What you should do >>
Copy every entry word for word, but skip the pictures.

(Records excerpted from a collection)
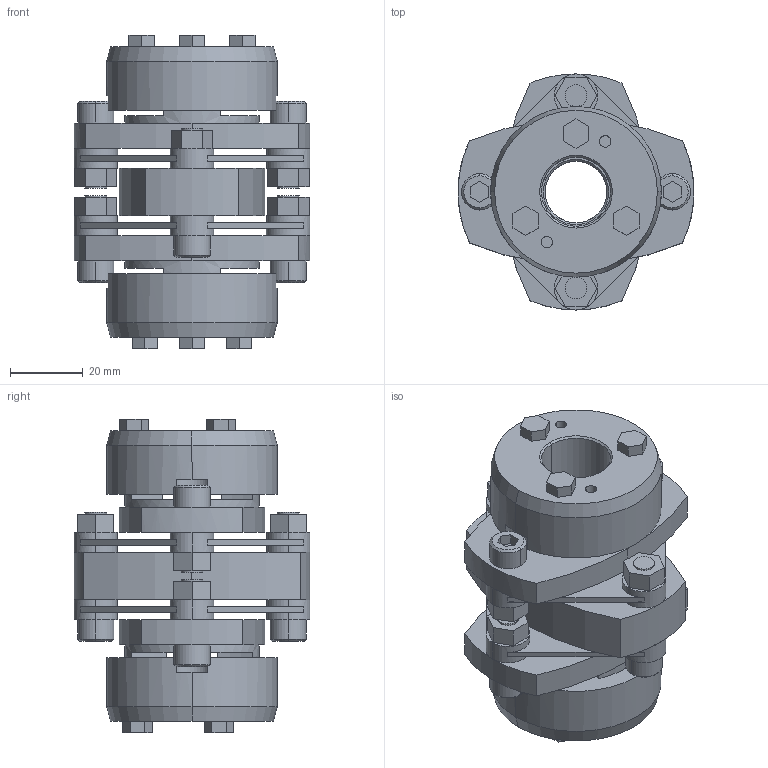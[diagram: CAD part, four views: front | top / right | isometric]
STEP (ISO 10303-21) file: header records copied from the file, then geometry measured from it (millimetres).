
FILE_DESCRIPTION((''),'2;1');
FILE_NAME('LCD-65T7-17×19.stp','2011-08-23T14:00:41',(''),(''),'AutoCAD STEP 2000i','AutoCAD 2000i',', , ');
FILE_SCHEMA(('CONFIG_CONTROL_DESIGN'));
Length unit declared in the file: millimetre
Products named in the file (8): LCD-65T7-17×19; 忣兜1; LC65T7-T019; LC65T7-T017-1; LC65T7-T017; LC65T7-T015-1; LC65T7-T015; LCD65-ITA
Assembly tree (7 placements, depth 2):
  LCD-65T7-17×19
    忣兜1
    LC65T7-T019
    LC65T7-T017-1
    LC65T7-T017
    LC65T7-T015-1
    LC65T7-T015
    LCD65-ITA
Bounding box: 65 x 65 x 86.4 mm (x, y, z)
Volume: 119354.1 mm3; surface area: 41471.3 mm2
Topology: 1 solids, 1 shells, 304 faces, 792 edges, 516 vertices
Faces by surface type: plane 180, cylinder 100, cone 24
Entity records: 9605 total; most frequent: DIRECTION 1708, CARTESIAN_POINT 1620, ORIENTED_EDGE 1584, EDGE_CURVE 792, AXIS2_PLACEMENT_3D 604, VERTEX_POINT 516, VECTOR 500, LINE 500
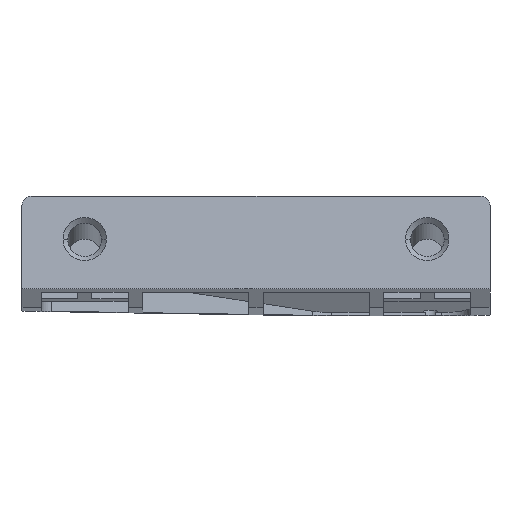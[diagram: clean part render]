
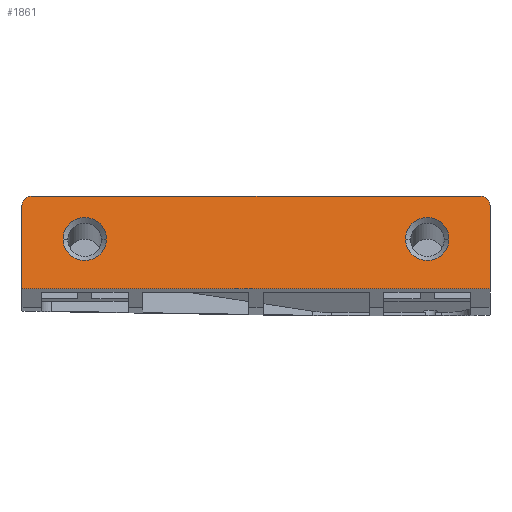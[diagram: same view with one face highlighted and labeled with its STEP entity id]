
A CAD part, front view. The second image highlights one B-rep face of the part: STEP entity #1861.
In plain terms, the highlighted planar face has unit normal (0, -0.985, 0.174).
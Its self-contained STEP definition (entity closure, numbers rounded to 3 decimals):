
#1=CARTESIAN_POINT('',(-94.017,51.083,1475.25));
#2=DIRECTION('',(0.,0.985,-0.174));
#3=DIRECTION('',(-1.,0.,0.));
#4=AXIS2_PLACEMENT_3D('',#1,#2,#3);
#6=DIRECTION('',(1.,0.,0.));
#7=VECTOR('',#6,46.5);
#8=CARTESIAN_POINT('',(-94.017,51.257,1476.235));
#9=LINE('',#8,#7);
#10=CARTESIAN_POINT('',(-47.517,51.083,1475.25));
#11=DIRECTION('',(0.,0.985,-0.174));
#12=DIRECTION('',(0.,0.174,0.985));
#13=AXIS2_PLACEMENT_3D('',#10,#11,#12);
#15=DIRECTION('',(0.,-0.174,-0.985));
#16=VECTOR('',#15,8.75);
#17=CARTESIAN_POINT('',(-46.517,51.083,1475.25));
#18=LINE('',#17,#16);
#19=DIRECTION('',(-1.,0.,0.));
#20=VECTOR('',#19,48.5);
#21=CARTESIAN_POINT('',(-46.517,49.564,1466.633));
#22=LINE('',#21,#20);
#23=DIRECTION('',(0.,0.174,0.985));
#24=VECTOR('',#23,8.75);
#25=CARTESIAN_POINT('',(-95.017,49.564,1466.633));
#26=LINE('',#25,#24);
#27=CARTESIAN_POINT('',(-53.017,50.476,1471.803));
#28=DIRECTION('',(0.,-0.985,0.174));
#29=DIRECTION('',(-1.,0.,0.));
#30=AXIS2_PLACEMENT_3D('',#27,#28,#29);
#32=CARTESIAN_POINT('',(-53.017,50.476,1471.803));
#33=DIRECTION('',(0.,-0.985,0.174));
#34=DIRECTION('',(1.,0.,0.));
#35=AXIS2_PLACEMENT_3D('',#32,#33,#34);
#37=CARTESIAN_POINT('',(-88.517,50.476,1471.803));
#38=DIRECTION('',(0.,-0.985,0.174));
#39=DIRECTION('',(-1.,0.,0.));
#40=AXIS2_PLACEMENT_3D('',#37,#38,#39);
#42=CARTESIAN_POINT('',(-88.517,50.476,1471.803));
#43=DIRECTION('',(0.,-0.985,0.174));
#44=DIRECTION('',(1.,0.,0.));
#45=AXIS2_PLACEMENT_3D('',#42,#43,#44);
#1416=CARTESIAN_POINT('',(-95.017,51.083,1475.25));
#1417=CARTESIAN_POINT('',(-94.017,51.257,1476.235));
#1418=VERTEX_POINT('',#1416);
#1419=VERTEX_POINT('',#1417);
#1420=CARTESIAN_POINT('',(-47.517,51.257,1476.235));
#1421=VERTEX_POINT('',#1420);
#1422=CARTESIAN_POINT('',(-46.517,51.083,1475.25));
#1423=VERTEX_POINT('',#1422);
#1424=CARTESIAN_POINT('',(-46.517,49.564,1466.633));
#1425=VERTEX_POINT('',#1424);
#1426=CARTESIAN_POINT('',(-95.017,49.564,1466.633));
#1427=VERTEX_POINT('',#1426);
#1428=CARTESIAN_POINT('',(-55.267,50.476,1471.803));
#1429=CARTESIAN_POINT('',(-50.767,50.476,1471.803));
#1430=VERTEX_POINT('',#1428);
#1431=VERTEX_POINT('',#1429);
#1432=CARTESIAN_POINT('',(-90.767,50.476,1471.803));
#1433=CARTESIAN_POINT('',(-86.267,50.476,1471.803));
#1434=VERTEX_POINT('',#1432);
#1435=VERTEX_POINT('',#1433);
#1830=CARTESIAN_POINT('',(0.,-202.74,35.748));
#1831=DIRECTION('',(0.,0.985,-0.174));
#1832=DIRECTION('',(-1.,0.,0.));
#1833=AXIS2_PLACEMENT_3D('',#1830,#1831,#1832);
#1834=PLANE('',#1833);
#1836=ORIENTED_EDGE('',*,*,#1835,.T.);
#1838=ORIENTED_EDGE('',*,*,#1837,.T.);
#1840=ORIENTED_EDGE('',*,*,#1839,.T.);
#1842=ORIENTED_EDGE('',*,*,#1841,.T.);
#1844=ORIENTED_EDGE('',*,*,#1843,.T.);
#1846=ORIENTED_EDGE('',*,*,#1845,.T.);
#1847=EDGE_LOOP('',(#1836,#1838,#1840,#1842,#1844,#1846));
#1848=FACE_OUTER_BOUND('',#1847,.F.);
#1850=ORIENTED_EDGE('',*,*,#1849,.T.);
#1852=ORIENTED_EDGE('',*,*,#1851,.T.);
#1853=EDGE_LOOP('',(#1850,#1852));
#1854=FACE_BOUND('',#1853,.F.);
#1856=ORIENTED_EDGE('',*,*,#1855,.T.);
#1858=ORIENTED_EDGE('',*,*,#1857,.T.);
#1859=EDGE_LOOP('',(#1856,#1858));
#1860=FACE_BOUND('',#1859,.F.);
#1861=ADVANCED_FACE('',(#1848,#1854,#1860),#1834,.F.);
#5=CIRCLE('',#4,1.);
#14=CIRCLE('',#13,1.);
#31=CIRCLE('',#30,2.25);
#36=CIRCLE('',#35,2.25);
#41=CIRCLE('',#40,2.25);
#46=CIRCLE('',#45,2.25);
#1835=EDGE_CURVE('',#1418,#1419,#5,.T.);
#1837=EDGE_CURVE('',#1419,#1421,#9,.T.);
#1839=EDGE_CURVE('',#1421,#1423,#14,.T.);
#1841=EDGE_CURVE('',#1423,#1425,#18,.T.);
#1843=EDGE_CURVE('',#1425,#1427,#22,.T.);
#1845=EDGE_CURVE('',#1427,#1418,#26,.T.);
#1849=EDGE_CURVE('',#1430,#1431,#31,.T.);
#1851=EDGE_CURVE('',#1431,#1430,#36,.T.);
#1855=EDGE_CURVE('',#1434,#1435,#41,.T.);
#1857=EDGE_CURVE('',#1435,#1434,#46,.T.);

Exercise result >>
[diagram: CAD part, four views: front | top / right | isometric]
STEP (ISO 10303-21) file: header records copied from the file, then geometry measured from it (millimetres).
FILE_DESCRIPTION((''),'2;1');
FILE_NAME('LCD-65T7-17×19.stp','2011-08-23T14:00:41',(''),(''),'AutoCAD STEP 2000i','AutoCAD 2000i',', , ');
FILE_SCHEMA(('CONFIG_CONTROL_DESIGN'));
Length unit declared in the file: millimetre
Products named in the file (8): LCD-65T7-17×19; 忣兜1; LC65T7-T019; LC65T7-T017-1; LC65T7-T017; LC65T7-T015-1; LC65T7-T015; LCD65-ITA
Assembly tree (7 placements, depth 2):
  LCD-65T7-17×19
    忣兜1
    LC65T7-T019
    LC65T7-T017-1
    LC65T7-T017
    LC65T7-T015-1
    LC65T7-T015
    LCD65-ITA
Bounding box: 65 x 65 x 86.4 mm (x, y, z)
Volume: 119354.1 mm3; surface area: 41471.3 mm2
Topology: 1 solids, 1 shells, 304 faces, 792 edges, 516 vertices
Faces by surface type: plane 180, cylinder 100, cone 24
Entity records: 9605 total; most frequent: DIRECTION 1708, CARTESIAN_POINT 1620, ORIENTED_EDGE 1584, EDGE_CURVE 792, AXIS2_PLACEMENT_3D 604, VERTEX_POINT 516, VECTOR 500, LINE 500
[diagram: clean part render]
[diagram: same view with one face highlighted and labeled with its STEP entity id]
A CAD part, front view. The second image highlights one B-rep face of the part: STEP entity #1861.
In plain terms, the highlighted planar face has unit normal (0, -0.985, 0.174).
Its self-contained STEP definition (entity closure, numbers rounded to 3 decimals):
#1=CARTESIAN_POINT('',(-94.017,51.083,1475.25));
#2=DIRECTION('',(0.,0.985,-0.174));
#3=DIRECTION('',(-1.,0.,0.));
#4=AXIS2_PLACEMENT_3D('',#1,#2,#3);
#6=DIRECTION('',(1.,0.,0.));
#7=VECTOR('',#6,46.5);
#8=CARTESIAN_POINT('',(-94.017,51.257,1476.235));
#9=LINE('',#8,#7);
#10=CARTESIAN_POINT('',(-47.517,51.083,1475.25));
#11=DIRECTION('',(0.,0.985,-0.174));
#12=DIRECTION('',(0.,0.174,0.985));
#13=AXIS2_PLACEMENT_3D('',#10,#11,#12);
#15=DIRECTION('',(0.,-0.174,-0.985));
#16=VECTOR('',#15,8.75);
#17=CARTESIAN_POINT('',(-46.517,51.083,1475.25));
#18=LINE('',#17,#16);
#19=DIRECTION('',(-1.,0.,0.));
#20=VECTOR('',#19,48.5);
#21=CARTESIAN_POINT('',(-46.517,49.564,1466.633));
#22=LINE('',#21,#20);
#23=DIRECTION('',(0.,0.174,0.985));
#24=VECTOR('',#23,8.75);
#25=CARTESIAN_POINT('',(-95.017,49.564,1466.633));
#26=LINE('',#25,#24);
#27=CARTESIAN_POINT('',(-53.017,50.476,1471.803));
#28=DIRECTION('',(0.,-0.985,0.174));
#29=DIRECTION('',(-1.,0.,0.));
#30=AXIS2_PLACEMENT_3D('',#27,#28,#29);
#32=CARTESIAN_POINT('',(-53.017,50.476,1471.803));
#33=DIRECTION('',(0.,-0.985,0.174));
#34=DIRECTION('',(1.,0.,0.));
#35=AXIS2_PLACEMENT_3D('',#32,#33,#34);
#37=CARTESIAN_POINT('',(-88.517,50.476,1471.803));
#38=DIRECTION('',(0.,-0.985,0.174));
#39=DIRECTION('',(-1.,0.,0.));
#40=AXIS2_PLACEMENT_3D('',#37,#38,#39);
#42=CARTESIAN_POINT('',(-88.517,50.476,1471.803));
#43=DIRECTION('',(0.,-0.985,0.174));
#44=DIRECTION('',(1.,0.,0.));
#45=AXIS2_PLACEMENT_3D('',#42,#43,#44);
#1416=CARTESIAN_POINT('',(-95.017,51.083,1475.25));
#1417=CARTESIAN_POINT('',(-94.017,51.257,1476.235));
#1418=VERTEX_POINT('',#1416);
#1419=VERTEX_POINT('',#1417);
#1420=CARTESIAN_POINT('',(-47.517,51.257,1476.235));
#1421=VERTEX_POINT('',#1420);
#1422=CARTESIAN_POINT('',(-46.517,51.083,1475.25));
#1423=VERTEX_POINT('',#1422);
#1424=CARTESIAN_POINT('',(-46.517,49.564,1466.633));
#1425=VERTEX_POINT('',#1424);
#1426=CARTESIAN_POINT('',(-95.017,49.564,1466.633));
#1427=VERTEX_POINT('',#1426);
#1428=CARTESIAN_POINT('',(-55.267,50.476,1471.803));
#1429=CARTESIAN_POINT('',(-50.767,50.476,1471.803));
#1430=VERTEX_POINT('',#1428);
#1431=VERTEX_POINT('',#1429);
#1432=CARTESIAN_POINT('',(-90.767,50.476,1471.803));
#1433=CARTESIAN_POINT('',(-86.267,50.476,1471.803));
#1434=VERTEX_POINT('',#1432);
#1435=VERTEX_POINT('',#1433);
#1830=CARTESIAN_POINT('',(0.,-202.74,35.748));
#1831=DIRECTION('',(0.,0.985,-0.174));
#1832=DIRECTION('',(-1.,0.,0.));
#1833=AXIS2_PLACEMENT_3D('',#1830,#1831,#1832);
#1834=PLANE('',#1833);
#1836=ORIENTED_EDGE('',*,*,#1835,.T.);
#1838=ORIENTED_EDGE('',*,*,#1837,.T.);
#1840=ORIENTED_EDGE('',*,*,#1839,.T.);
#1842=ORIENTED_EDGE('',*,*,#1841,.T.);
#1844=ORIENTED_EDGE('',*,*,#1843,.T.);
#1846=ORIENTED_EDGE('',*,*,#1845,.T.);
#1847=EDGE_LOOP('',(#1836,#1838,#1840,#1842,#1844,#1846));
#1848=FACE_OUTER_BOUND('',#1847,.F.);
#1850=ORIENTED_EDGE('',*,*,#1849,.T.);
#1852=ORIENTED_EDGE('',*,*,#1851,.T.);
#1853=EDGE_LOOP('',(#1850,#1852));
#1854=FACE_BOUND('',#1853,.F.);
#1856=ORIENTED_EDGE('',*,*,#1855,.T.);
#1858=ORIENTED_EDGE('',*,*,#1857,.T.);
#1859=EDGE_LOOP('',(#1856,#1858));
#1860=FACE_BOUND('',#1859,.F.);
#1861=ADVANCED_FACE('',(#1848,#1854,#1860),#1834,.F.);
#5=CIRCLE('',#4,1.);
#14=CIRCLE('',#13,1.);
#31=CIRCLE('',#30,2.25);
#36=CIRCLE('',#35,2.25);
#41=CIRCLE('',#40,2.25);
#46=CIRCLE('',#45,2.25);
#1835=EDGE_CURVE('',#1418,#1419,#5,.T.);
#1837=EDGE_CURVE('',#1419,#1421,#9,.T.);
#1839=EDGE_CURVE('',#1421,#1423,#14,.T.);
#1841=EDGE_CURVE('',#1423,#1425,#18,.T.);
#1843=EDGE_CURVE('',#1425,#1427,#22,.T.);
#1845=EDGE_CURVE('',#1427,#1418,#26,.T.);
#1849=EDGE_CURVE('',#1430,#1431,#31,.T.);
#1851=EDGE_CURVE('',#1431,#1430,#36,.T.);
#1855=EDGE_CURVE('',#1434,#1435,#41,.T.);
#1857=EDGE_CURVE('',#1435,#1434,#46,.T.);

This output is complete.